Defendant argues that no interest is allowable on the welders contract. In support of its argument, defendant cites Tew v. Arizona State Retirement Sys., 69 B.R. 608 (S.D.Fla. 1987), rev'd on other grounds, 873 F.2d 1400 (11th Cir. 1989), in which the court disallowed two days' interest on securities subject to a repurchase agreement. In that case, ESM, the party that was supposed to repurchase the securities, breached the contract by failing to do so; two days later, the holder of the securities was able to sell them to a third party, but sought reimbursement for the two days' interest it lost as a consequence of ESM's breach. The court found that the interest was "in the nature of a claim for consequential damages resulting from ESM's breach" and that under the Code, "consequential damages are not recoverable by an aggrieved seller against a buyer in an action for breach of contract for sale of goods." Id. at 610.

Tew is totally inapposite here because of its factual remoteness from this case. In Tew, the repurchase agreement did not prescribe interest in the case of default. Defendant in this case ignores the fact that the parties here — both sophisticated merchants negotiating at arm's length — agreed to a 1.5% per month service charge to compensate plaintiff in case of late payment. For the Court to disregard that term of the contract would be to rewrite the contract, nullify plaintiff's negotiated right to compensation and create a windfall for defendant, who for over a year has willfully failed to pay the money he owes — even though he concedes it is due — while he has had use of the money that Megabucks paid for the ESP welders.
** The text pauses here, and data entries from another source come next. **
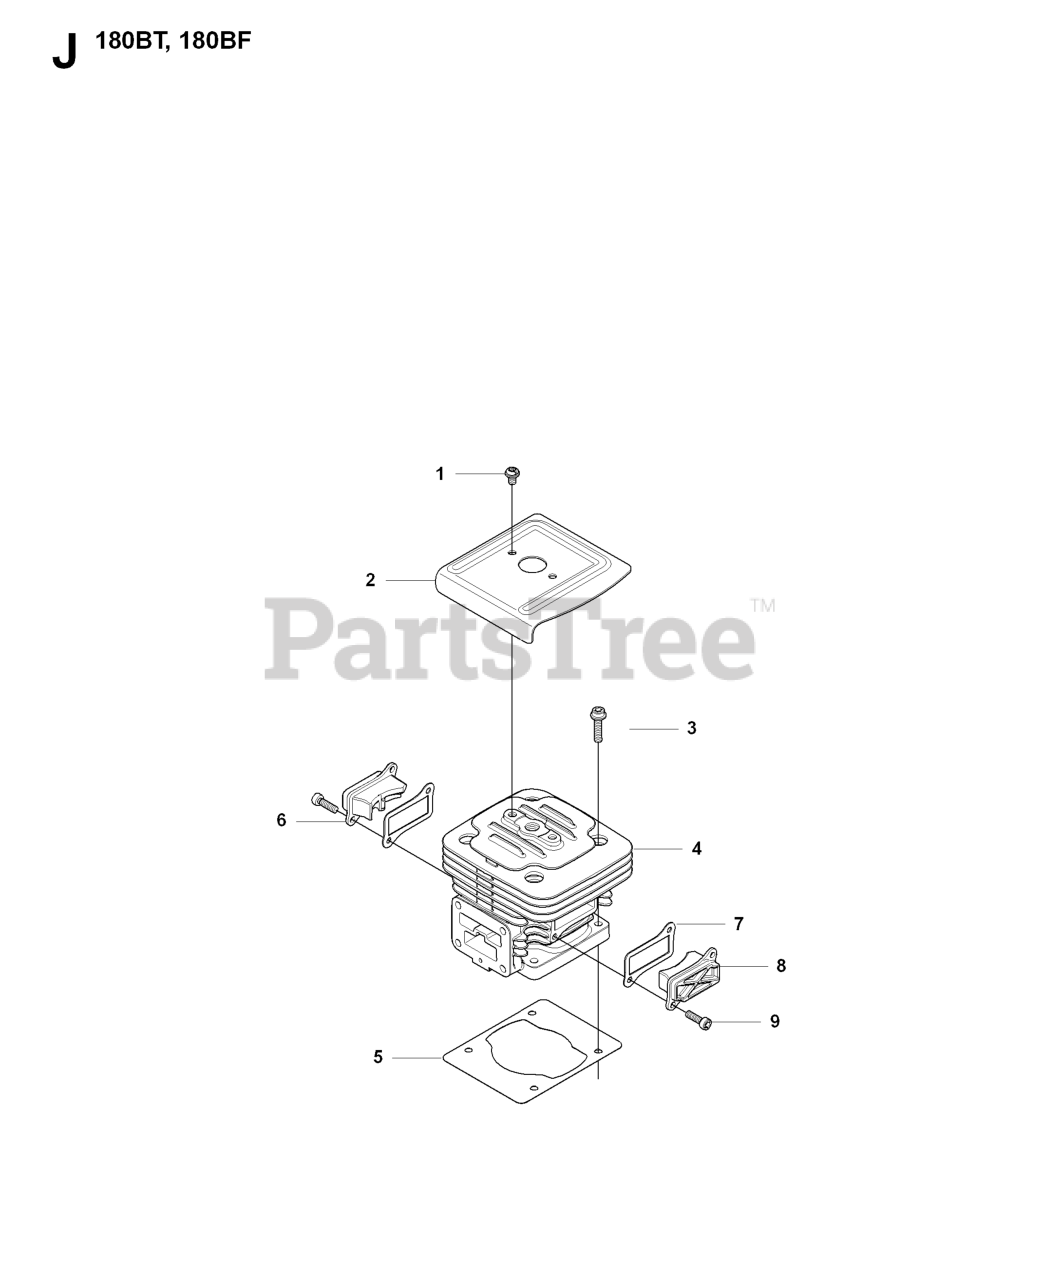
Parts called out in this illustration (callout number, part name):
3	BOLT
5	RP_GASKET
6	COVER TR(F)
7	GASKET
8	COVER TR(S)
9	BOLT
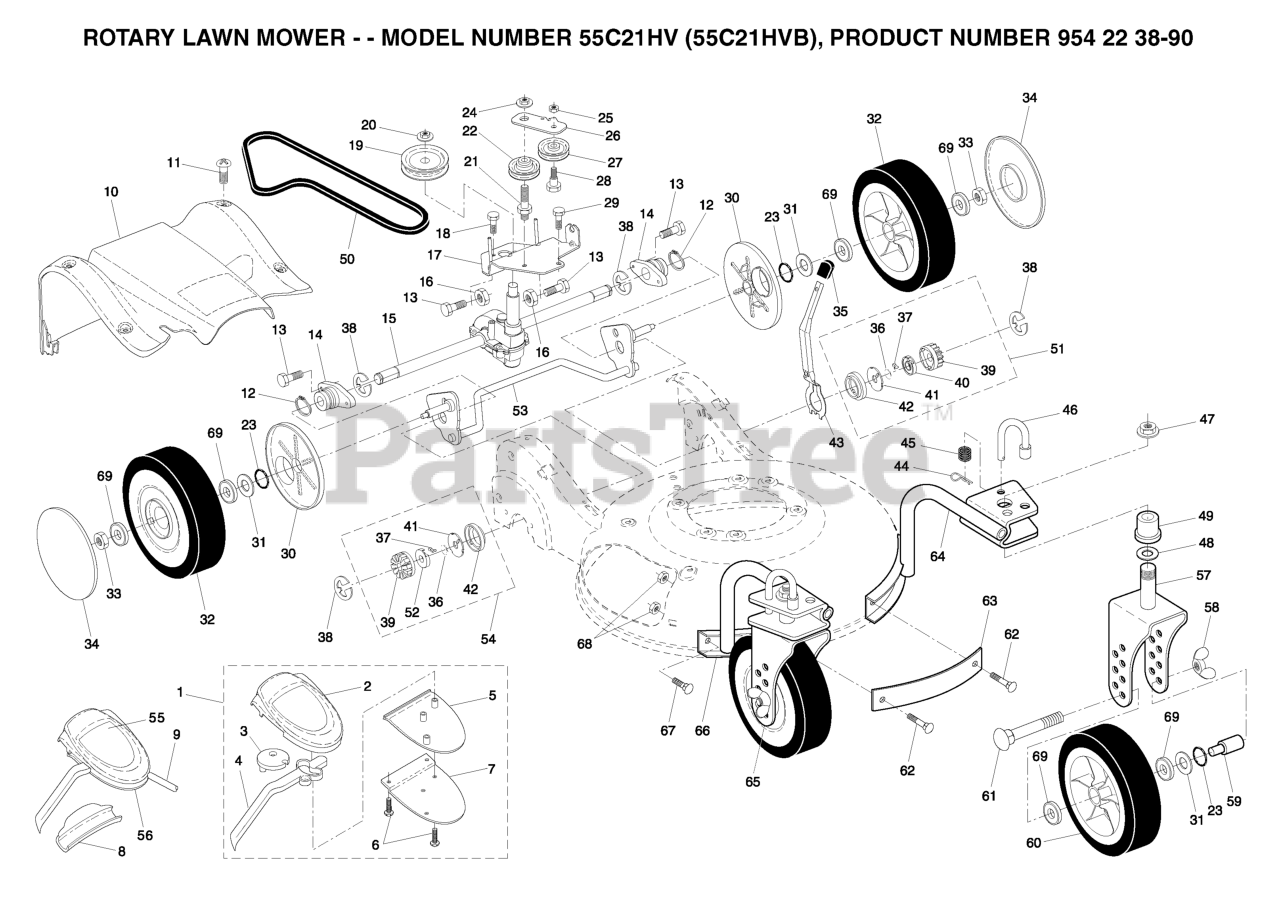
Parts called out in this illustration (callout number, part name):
1	EZ WALK CONTROL
2	COVER, DRIVE CONTROL, TOP
3	PULLEY.CAM.DRIVE.CONTROL.HV
4	LEVER, DRIVE CONTROL
5	COVER, DRIVE CONTROL BOTTOM
6	SCREW, PHILLIPS HEAD 10 X 5/8
7	BRACKET, DRIVE CONTROL
8	EZ WALK SNAP COVER PLATE
9	CABLE, DRIVE CONTROL
10	COVER ASM. DRIVE
11	SCREW
12	RETAINING RING (2 2)(3 2)
13	RP SCREW
14	BEARING.SUPPORT.ASSEM
15	TRANSMISSION.21.HI-VAC.EZ
16	NUT
17	BRACKET TRANSMISSION
19	RP PULLEY DRIVE
20	FLANGED LOCKNUT 3/8-16 ZINC
21	BOLT, IDLER
22	PULLEY ASSY
23	O-RING
24	NUT
25	NUT.CENTERLOCK.5/16-
26	BRACKET
27	IDLER PULLEY
28	SHOULDER BOLT
29	SCREW 14-20 X 5/8
30	DUST COVER, WHEEL
31	WASHER.FLAT.1/2
32	WHEEL ASM, REAR 9 X 2-1/4
33	HEX FLANGE LOCKNT
34	RB HUBCAP.3-SPOKE.SILVER
35	KNOB.SELECTOR.SPRG.H-GRY (2 2)
36	SPRING, TORSION
37	PAWL.DRIVE.21.EZ-WALK
38	E-RING 7/16 RE
39	GEAR, PINION
40	RETAINER.DRIVE.21.EZ-WALK.LT
41	DISC.DRIVE.21.EZ-WALK
42	SEAL.PINION
43	LEVER, SELECTOR, HEIGHT, REAR
44	COTTER PIN (3 2)(2 2MC)
48	WASHER.FLAT.1/2
50	BELT.DRIVE.EZ.WALK.HI-VAC
51	PINION ASSY, LH
52	RETAINER, DRIVE, RH
53	REAR AXLE ASSY.
54	PINION ASSY, RH
57	BRACKET, CASTER WHEEL, LH
58	NUT.WING.5/16-18.YELLOW
61	CARRIAGE BOLT
63	STRAP.FRONT.CASTER.ORANGE
64	SUPPORT TUBE ASSY, LH
65	BRACKET, CASTER WHEEL, RH
66	SUPPORT TUBE ASSY, RH
68	NUT
69	BEARING.8".WHEEL

Under Kansas law, parties to a contract may specify an interest rate to be charged in the event payment is not made on time, so long as the rate specified is not unreasonable or unconscionable:

When a rate of interest or charges is specified in any contract, that rate shall continue until full payment is made, and any judgment rendered on any such contract shall bear the same rate of interest or charges mentioned in the contract. . . .

K.S.A. § 16-205(a). See also K.S.A. § 84-2-719, official UCC cmt. 1 ("parties are left free to shape their remedies to their particular requirements and reasonable agreements limiting or modifying remedies are to be given effect"); Bob Eldridge Const. Co. v. Pioneer Materials, 235 Kan. 599, 684 P.2d 355, 362 (1984) (holding that agreed upon interest rate of 18% per annum on overdue accounts not unreasonable under the circumstances). Defendant has introduced no evidence whatsoever tending to show that the 1.5% per month service charge was unreasonable or contrary to custom or that Quartz Works did not knowingly agree to abide by that term in its contract with ESP. Accordingly, the Court orders Quartz Works to pay 1.5% interest on the principal amount due under the welders contract from September 29, 1993, until the date judgment is satisfied.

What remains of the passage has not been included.